Monday, October 11th 2021, 9:15 am - Aside from a few recent appearances in the Pacific, the one other known documented sighting of the beluga whale in the aforementioned ocean, outside of its native range, dates back to April 1940.

The spotting of a beluga whale swimming around Puget Sound in the Pacific Northwest has people baffled in the region because it's the first time since 1940 the mammal has appeared there, according to local media.

Since Oct. 3, people in the greater Seattle area have documented the white whale swimming around Puget Sound. What's peculiar is that the beluga is usually found in Arctic and subarctic waters.

SEE ALSO: Watch thousands of beluga whales embark on their annual migration live

The first observation was in southern Fox Island, followed by sightings in Point Defiance and Commencement Bay, respectively. The fourth glimpse was reported in western Seattle, and in the fifth, the whale was seen in the waters of the Puget Sound Naval Shipyard, Michael Milstein, public affairs officer for the National Oceanic and Atmospheric Administration (NOAA) Fisheries West Coast Region, told The Seattle Times.

Although it's uncommon for a beluga whale (Delphinapterus leucas) to make an appearance in waters in the Pacific, it isn't completely unheard of. In 2020, a beluga was seen off the coast of San Diego, Calif., and one was also found dead in Baja California Sur, Mexico, a short time afterwards, possibly the same individual.

Beluga whale/CNN (Sky King/CNN)

Aside from those Pacific appearances, the one other known documented sighting of a beluga whale in the aforementioned ocean, outside of its native range, dates back to a story published on April 24, 1940, in the Tacoma Times. The article recalled an unknown sea mammal with a colour described by locals as greyish or "dirty white."

"The closest beluga population is Cook Inlet, Alaska," which is about 1,500 miles (2,400 kilometres) away from Seattle, Howard Garrett, co-founder of Orca Network, a non-profit organization dedicated to raising awareness of the whales of the Pacific Northwest, told Live Science. "I haven't checked the water temperatures there, but I'm sure they're a bit colder up there than here."

There was a report of a beluga in Puget Sound in 2010, but there was only one witness that wasn't able to capture any visuals of it, he noted.


As unexpected as its appearance was, there isn't any evidence that indicated the beluga's origins or why it was trekking through local waters. "We've seen no markings, no indication of where it comes from," said Garrett.
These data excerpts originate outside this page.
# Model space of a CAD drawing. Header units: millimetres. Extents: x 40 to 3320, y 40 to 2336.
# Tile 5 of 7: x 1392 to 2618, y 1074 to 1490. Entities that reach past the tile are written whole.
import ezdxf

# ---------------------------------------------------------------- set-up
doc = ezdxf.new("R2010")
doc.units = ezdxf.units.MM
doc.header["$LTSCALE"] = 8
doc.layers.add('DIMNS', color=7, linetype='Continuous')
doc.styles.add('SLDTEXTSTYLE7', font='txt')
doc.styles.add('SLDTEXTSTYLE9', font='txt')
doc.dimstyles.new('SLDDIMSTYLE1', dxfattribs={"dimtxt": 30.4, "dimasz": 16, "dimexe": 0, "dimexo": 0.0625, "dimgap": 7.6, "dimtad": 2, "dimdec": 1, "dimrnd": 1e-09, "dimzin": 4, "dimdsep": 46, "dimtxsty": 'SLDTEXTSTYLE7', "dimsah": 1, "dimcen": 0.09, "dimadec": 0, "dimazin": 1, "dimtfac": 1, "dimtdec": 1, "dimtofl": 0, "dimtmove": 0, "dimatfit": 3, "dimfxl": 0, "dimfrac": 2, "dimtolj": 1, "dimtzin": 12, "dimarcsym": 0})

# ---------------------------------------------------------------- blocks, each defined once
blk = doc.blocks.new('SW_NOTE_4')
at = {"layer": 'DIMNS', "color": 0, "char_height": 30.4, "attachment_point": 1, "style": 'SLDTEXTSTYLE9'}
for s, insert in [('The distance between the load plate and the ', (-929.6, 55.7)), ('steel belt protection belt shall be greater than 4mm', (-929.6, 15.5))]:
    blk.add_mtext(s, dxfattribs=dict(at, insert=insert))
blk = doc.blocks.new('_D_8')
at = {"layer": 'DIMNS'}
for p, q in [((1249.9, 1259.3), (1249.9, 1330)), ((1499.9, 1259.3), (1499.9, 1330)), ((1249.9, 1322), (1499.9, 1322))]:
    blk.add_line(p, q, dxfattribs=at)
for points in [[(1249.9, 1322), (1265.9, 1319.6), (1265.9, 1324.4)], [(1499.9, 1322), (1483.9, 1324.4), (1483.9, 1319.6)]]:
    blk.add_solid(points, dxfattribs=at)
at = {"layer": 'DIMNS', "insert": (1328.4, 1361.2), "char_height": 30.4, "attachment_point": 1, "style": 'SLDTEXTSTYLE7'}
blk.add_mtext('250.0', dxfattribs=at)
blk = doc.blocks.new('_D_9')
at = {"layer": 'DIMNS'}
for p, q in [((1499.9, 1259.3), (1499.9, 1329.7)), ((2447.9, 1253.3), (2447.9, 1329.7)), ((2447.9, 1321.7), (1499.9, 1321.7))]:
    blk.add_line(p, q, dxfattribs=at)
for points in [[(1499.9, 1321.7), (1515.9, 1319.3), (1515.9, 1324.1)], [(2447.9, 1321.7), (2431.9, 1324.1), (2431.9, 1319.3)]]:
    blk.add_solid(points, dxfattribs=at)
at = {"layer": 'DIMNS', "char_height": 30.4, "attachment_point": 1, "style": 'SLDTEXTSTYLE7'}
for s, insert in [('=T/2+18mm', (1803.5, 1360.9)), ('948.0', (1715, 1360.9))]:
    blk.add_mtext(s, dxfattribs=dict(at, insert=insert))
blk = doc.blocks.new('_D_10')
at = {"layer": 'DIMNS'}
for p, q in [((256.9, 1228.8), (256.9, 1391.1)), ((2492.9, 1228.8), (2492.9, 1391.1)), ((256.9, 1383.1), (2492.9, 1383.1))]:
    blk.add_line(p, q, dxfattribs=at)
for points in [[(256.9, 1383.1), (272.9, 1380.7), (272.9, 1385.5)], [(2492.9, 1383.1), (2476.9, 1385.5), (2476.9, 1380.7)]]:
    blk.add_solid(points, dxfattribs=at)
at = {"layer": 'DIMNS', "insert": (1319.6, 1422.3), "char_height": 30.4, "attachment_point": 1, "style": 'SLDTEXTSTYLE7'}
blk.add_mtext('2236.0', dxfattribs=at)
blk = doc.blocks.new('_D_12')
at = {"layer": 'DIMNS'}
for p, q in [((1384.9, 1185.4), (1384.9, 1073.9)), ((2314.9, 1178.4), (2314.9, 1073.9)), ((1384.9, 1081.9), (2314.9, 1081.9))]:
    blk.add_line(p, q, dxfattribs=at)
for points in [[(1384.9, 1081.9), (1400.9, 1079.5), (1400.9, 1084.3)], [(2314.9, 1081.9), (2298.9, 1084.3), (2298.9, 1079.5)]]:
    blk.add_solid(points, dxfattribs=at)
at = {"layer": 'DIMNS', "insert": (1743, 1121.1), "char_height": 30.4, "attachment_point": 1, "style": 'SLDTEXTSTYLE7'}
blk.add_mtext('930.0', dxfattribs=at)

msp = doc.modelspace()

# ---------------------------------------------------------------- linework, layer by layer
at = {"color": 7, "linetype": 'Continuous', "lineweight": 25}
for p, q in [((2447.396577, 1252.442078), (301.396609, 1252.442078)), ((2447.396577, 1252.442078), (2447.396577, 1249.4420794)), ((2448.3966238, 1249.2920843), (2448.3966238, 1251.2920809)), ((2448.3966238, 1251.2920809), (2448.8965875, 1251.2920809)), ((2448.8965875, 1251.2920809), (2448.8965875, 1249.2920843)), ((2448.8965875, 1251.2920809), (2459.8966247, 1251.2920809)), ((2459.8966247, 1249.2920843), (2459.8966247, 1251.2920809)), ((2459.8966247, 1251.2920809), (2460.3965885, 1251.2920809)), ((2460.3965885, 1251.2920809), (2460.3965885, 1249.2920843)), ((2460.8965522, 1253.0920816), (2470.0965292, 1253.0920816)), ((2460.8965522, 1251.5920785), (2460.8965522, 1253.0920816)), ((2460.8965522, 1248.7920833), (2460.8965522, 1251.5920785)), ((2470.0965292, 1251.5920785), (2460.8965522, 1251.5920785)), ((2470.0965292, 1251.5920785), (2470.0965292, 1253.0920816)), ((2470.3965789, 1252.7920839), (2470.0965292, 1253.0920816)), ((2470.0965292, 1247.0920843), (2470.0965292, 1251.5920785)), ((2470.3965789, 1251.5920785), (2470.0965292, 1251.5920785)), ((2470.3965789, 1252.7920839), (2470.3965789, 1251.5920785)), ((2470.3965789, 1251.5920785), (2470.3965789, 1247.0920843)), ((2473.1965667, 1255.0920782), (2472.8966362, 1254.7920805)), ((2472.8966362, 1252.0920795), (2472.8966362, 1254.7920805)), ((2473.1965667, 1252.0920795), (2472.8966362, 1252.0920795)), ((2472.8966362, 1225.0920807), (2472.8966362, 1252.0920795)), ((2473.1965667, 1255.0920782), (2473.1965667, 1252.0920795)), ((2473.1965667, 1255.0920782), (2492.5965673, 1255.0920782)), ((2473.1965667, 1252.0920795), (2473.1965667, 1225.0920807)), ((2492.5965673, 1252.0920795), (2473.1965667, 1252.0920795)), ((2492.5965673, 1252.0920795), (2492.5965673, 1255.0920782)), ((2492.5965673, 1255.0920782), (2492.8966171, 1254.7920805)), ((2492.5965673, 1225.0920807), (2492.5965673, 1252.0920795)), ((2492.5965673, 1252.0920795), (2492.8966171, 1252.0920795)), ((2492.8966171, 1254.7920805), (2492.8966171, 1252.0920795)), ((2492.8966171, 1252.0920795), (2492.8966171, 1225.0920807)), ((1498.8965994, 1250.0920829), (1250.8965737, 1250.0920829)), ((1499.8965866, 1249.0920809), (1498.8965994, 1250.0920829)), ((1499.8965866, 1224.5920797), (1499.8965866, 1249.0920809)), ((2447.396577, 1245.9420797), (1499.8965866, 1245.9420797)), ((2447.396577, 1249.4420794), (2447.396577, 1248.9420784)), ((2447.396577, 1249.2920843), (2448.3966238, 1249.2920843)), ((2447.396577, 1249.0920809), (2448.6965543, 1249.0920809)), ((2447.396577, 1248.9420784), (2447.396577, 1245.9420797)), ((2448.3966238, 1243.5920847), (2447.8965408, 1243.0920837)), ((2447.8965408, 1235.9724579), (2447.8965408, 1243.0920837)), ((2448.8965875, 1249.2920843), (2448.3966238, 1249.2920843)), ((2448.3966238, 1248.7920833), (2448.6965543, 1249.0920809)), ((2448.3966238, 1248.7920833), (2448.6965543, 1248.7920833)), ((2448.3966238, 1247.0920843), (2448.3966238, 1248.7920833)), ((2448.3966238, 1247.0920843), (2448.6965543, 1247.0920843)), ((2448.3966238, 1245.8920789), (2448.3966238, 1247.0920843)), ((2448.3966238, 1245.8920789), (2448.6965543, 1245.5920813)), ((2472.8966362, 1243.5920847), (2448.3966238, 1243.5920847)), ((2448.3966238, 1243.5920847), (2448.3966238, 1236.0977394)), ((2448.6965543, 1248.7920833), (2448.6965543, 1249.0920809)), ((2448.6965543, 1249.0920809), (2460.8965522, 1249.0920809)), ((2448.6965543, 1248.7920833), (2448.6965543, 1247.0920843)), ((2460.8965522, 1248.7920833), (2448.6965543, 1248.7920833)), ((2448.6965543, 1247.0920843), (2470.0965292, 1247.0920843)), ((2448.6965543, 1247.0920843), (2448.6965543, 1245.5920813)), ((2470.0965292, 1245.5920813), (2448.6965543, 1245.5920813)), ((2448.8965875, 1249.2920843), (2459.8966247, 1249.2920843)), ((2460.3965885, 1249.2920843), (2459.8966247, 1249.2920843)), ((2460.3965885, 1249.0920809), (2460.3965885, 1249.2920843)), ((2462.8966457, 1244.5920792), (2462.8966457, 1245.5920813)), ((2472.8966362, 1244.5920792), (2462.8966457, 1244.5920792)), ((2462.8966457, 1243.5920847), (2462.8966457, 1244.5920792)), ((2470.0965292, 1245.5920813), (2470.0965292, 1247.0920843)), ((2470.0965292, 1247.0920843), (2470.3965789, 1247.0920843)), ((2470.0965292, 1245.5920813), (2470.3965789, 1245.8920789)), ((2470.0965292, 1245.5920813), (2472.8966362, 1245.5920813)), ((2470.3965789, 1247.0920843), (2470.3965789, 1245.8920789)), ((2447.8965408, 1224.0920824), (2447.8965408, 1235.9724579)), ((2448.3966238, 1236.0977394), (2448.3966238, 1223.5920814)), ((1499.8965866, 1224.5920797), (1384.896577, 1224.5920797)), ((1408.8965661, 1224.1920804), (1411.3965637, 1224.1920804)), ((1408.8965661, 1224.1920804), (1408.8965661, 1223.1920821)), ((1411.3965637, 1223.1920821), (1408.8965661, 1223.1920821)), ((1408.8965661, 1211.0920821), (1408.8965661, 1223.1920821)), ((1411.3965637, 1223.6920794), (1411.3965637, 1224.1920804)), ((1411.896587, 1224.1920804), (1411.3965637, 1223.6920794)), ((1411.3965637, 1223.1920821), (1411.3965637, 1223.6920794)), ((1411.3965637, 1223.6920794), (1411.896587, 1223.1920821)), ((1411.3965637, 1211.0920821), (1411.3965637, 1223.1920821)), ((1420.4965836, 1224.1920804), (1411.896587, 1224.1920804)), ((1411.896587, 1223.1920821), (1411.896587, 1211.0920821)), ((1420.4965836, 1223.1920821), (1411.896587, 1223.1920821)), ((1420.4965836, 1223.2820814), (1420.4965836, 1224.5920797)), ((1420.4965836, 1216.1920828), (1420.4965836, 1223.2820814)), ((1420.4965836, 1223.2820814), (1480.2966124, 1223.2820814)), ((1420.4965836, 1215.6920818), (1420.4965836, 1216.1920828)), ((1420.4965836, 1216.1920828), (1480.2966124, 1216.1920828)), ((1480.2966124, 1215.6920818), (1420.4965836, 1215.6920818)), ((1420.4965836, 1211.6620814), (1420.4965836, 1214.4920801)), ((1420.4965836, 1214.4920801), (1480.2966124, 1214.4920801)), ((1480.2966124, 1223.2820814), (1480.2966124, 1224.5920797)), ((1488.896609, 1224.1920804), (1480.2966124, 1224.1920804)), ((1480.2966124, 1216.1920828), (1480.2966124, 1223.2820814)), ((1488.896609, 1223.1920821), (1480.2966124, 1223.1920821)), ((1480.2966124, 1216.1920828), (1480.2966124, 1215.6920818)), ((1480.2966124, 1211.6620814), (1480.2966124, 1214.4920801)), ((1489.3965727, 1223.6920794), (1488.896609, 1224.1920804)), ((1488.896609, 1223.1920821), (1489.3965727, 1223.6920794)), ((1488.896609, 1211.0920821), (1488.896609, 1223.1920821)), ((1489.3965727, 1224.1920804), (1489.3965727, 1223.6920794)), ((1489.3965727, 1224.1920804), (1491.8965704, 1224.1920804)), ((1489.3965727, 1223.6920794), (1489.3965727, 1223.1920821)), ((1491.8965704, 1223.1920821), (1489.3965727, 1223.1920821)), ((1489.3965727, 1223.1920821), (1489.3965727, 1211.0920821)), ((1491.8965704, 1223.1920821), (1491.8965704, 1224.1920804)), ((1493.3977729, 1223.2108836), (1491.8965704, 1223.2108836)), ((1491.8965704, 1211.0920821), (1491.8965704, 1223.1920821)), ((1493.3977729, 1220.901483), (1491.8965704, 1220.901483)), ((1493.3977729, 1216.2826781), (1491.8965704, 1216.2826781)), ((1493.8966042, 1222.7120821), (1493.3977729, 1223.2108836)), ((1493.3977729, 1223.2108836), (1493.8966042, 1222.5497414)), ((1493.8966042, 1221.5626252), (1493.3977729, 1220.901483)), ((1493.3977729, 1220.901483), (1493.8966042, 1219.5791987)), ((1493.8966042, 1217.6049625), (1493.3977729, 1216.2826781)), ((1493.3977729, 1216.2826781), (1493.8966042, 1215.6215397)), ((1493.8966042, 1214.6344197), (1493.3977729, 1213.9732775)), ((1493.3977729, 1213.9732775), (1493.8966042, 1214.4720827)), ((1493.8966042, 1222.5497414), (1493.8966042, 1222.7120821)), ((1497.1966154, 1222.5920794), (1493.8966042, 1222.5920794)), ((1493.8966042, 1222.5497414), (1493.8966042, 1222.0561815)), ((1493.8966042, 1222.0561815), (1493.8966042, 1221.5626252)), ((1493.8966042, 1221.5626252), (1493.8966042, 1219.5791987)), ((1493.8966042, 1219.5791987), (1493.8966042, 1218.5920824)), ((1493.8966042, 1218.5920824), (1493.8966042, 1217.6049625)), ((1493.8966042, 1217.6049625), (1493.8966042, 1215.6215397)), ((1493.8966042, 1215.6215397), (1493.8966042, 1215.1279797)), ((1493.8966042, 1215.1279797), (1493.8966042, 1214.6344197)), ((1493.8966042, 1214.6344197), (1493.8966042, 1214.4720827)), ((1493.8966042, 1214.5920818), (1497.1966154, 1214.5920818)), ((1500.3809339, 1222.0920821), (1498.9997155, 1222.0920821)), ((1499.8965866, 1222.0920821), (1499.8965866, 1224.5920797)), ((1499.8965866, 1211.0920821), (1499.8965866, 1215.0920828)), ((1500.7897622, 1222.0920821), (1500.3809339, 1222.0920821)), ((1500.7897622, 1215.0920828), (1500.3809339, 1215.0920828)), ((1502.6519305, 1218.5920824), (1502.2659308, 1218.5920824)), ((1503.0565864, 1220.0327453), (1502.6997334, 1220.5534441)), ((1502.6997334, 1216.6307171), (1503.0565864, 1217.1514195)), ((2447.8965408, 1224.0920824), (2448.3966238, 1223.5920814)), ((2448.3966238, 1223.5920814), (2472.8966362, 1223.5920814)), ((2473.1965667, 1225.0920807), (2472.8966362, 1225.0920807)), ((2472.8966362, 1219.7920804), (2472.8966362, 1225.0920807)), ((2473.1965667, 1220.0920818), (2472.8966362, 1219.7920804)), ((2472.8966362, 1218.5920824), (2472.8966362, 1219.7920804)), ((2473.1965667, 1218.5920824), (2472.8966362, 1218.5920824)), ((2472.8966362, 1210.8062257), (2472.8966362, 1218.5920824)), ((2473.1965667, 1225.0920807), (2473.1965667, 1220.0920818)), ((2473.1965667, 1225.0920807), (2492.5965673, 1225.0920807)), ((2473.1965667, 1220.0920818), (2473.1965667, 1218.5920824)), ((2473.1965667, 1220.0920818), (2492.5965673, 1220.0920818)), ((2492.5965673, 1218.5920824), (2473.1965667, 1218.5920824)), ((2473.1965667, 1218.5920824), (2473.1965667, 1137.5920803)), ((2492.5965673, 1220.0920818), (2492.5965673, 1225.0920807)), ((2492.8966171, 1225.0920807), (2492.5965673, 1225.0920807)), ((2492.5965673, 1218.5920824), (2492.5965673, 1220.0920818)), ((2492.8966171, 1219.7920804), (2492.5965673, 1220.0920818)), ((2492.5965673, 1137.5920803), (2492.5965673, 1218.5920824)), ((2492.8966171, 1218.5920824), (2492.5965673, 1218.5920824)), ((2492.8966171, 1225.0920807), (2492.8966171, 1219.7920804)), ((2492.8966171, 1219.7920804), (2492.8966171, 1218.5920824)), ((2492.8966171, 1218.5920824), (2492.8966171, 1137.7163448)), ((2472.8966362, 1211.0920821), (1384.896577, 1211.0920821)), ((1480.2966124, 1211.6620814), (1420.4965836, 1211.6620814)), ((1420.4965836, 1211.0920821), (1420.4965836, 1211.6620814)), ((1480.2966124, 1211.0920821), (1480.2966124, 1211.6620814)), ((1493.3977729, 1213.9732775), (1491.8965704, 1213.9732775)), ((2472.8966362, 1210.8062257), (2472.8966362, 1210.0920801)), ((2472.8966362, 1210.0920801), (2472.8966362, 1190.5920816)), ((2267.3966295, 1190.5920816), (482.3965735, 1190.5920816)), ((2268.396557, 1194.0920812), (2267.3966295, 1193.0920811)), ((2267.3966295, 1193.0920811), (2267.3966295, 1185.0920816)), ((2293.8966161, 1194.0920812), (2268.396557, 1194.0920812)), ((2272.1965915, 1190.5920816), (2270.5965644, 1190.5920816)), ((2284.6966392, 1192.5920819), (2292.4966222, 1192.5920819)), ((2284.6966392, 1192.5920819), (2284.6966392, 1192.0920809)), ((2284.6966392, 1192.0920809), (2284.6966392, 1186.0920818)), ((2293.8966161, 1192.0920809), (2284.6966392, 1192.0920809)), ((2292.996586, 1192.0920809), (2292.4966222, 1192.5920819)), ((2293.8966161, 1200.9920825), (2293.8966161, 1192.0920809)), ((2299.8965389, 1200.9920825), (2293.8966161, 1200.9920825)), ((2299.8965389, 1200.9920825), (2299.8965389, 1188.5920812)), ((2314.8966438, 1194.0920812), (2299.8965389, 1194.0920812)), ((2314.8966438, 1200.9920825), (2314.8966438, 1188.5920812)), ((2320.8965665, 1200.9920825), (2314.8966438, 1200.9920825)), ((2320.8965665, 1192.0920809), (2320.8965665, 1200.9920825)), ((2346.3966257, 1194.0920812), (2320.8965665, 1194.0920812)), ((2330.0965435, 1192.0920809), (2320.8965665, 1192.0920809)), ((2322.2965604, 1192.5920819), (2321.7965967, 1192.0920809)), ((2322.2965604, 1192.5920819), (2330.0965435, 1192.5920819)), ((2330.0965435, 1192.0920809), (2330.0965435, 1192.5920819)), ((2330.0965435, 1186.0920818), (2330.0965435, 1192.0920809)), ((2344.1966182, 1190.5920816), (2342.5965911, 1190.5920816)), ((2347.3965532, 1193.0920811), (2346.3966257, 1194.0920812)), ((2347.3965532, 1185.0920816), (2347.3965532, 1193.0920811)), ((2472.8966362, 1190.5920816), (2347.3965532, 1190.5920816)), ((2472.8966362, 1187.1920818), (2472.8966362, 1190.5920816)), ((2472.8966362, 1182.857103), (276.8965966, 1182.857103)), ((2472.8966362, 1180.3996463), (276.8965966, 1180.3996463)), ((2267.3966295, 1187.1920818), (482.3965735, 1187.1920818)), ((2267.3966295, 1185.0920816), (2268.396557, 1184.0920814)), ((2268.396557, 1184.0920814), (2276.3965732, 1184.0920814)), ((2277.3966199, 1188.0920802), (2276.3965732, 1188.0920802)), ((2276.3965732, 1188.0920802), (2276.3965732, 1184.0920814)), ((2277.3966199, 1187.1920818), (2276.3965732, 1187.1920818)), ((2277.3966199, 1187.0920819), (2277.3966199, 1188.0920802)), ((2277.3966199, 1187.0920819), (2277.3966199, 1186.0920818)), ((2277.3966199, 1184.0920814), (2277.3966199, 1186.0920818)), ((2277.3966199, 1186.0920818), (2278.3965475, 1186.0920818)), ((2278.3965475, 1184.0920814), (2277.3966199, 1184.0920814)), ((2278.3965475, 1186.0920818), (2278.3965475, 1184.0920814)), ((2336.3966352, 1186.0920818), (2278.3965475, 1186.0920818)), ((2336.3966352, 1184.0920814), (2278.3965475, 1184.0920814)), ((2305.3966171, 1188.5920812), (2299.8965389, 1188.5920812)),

A beluga is swimming on its own is mysterious. The mammals are considered to be social creatures that live in pods of as many as 100 individuals, Garrett said.

So, why was this particular whale swimming solo?

"Until we have some indication, my default theory is that this whale just decided to go out walking, go explore," said Garrett. "It wanted to travel. It's highly unusual, but every now and then it happens with different [beluga] populations. So, it's not totally unprecedented, but definitely very rare."

Beluga whale/CNN (Sky King/CNN)

Despite the puzzling circumstances surrounding its appearance, the sightings of the Puget Sound beluga to date seem to indicate it is in good health.

Garrett said belugas eat squid, small fish and crabs, "and there's plenty of that in Puget Sound." The Salish Sea inlet also houses other whales, including transient and resident orcas, as well as migrating grey, humpback and minke whales, Garret added.

Thumbnail courtesy of Sky King/CNN.

Follow Nathan Howes on Twitter.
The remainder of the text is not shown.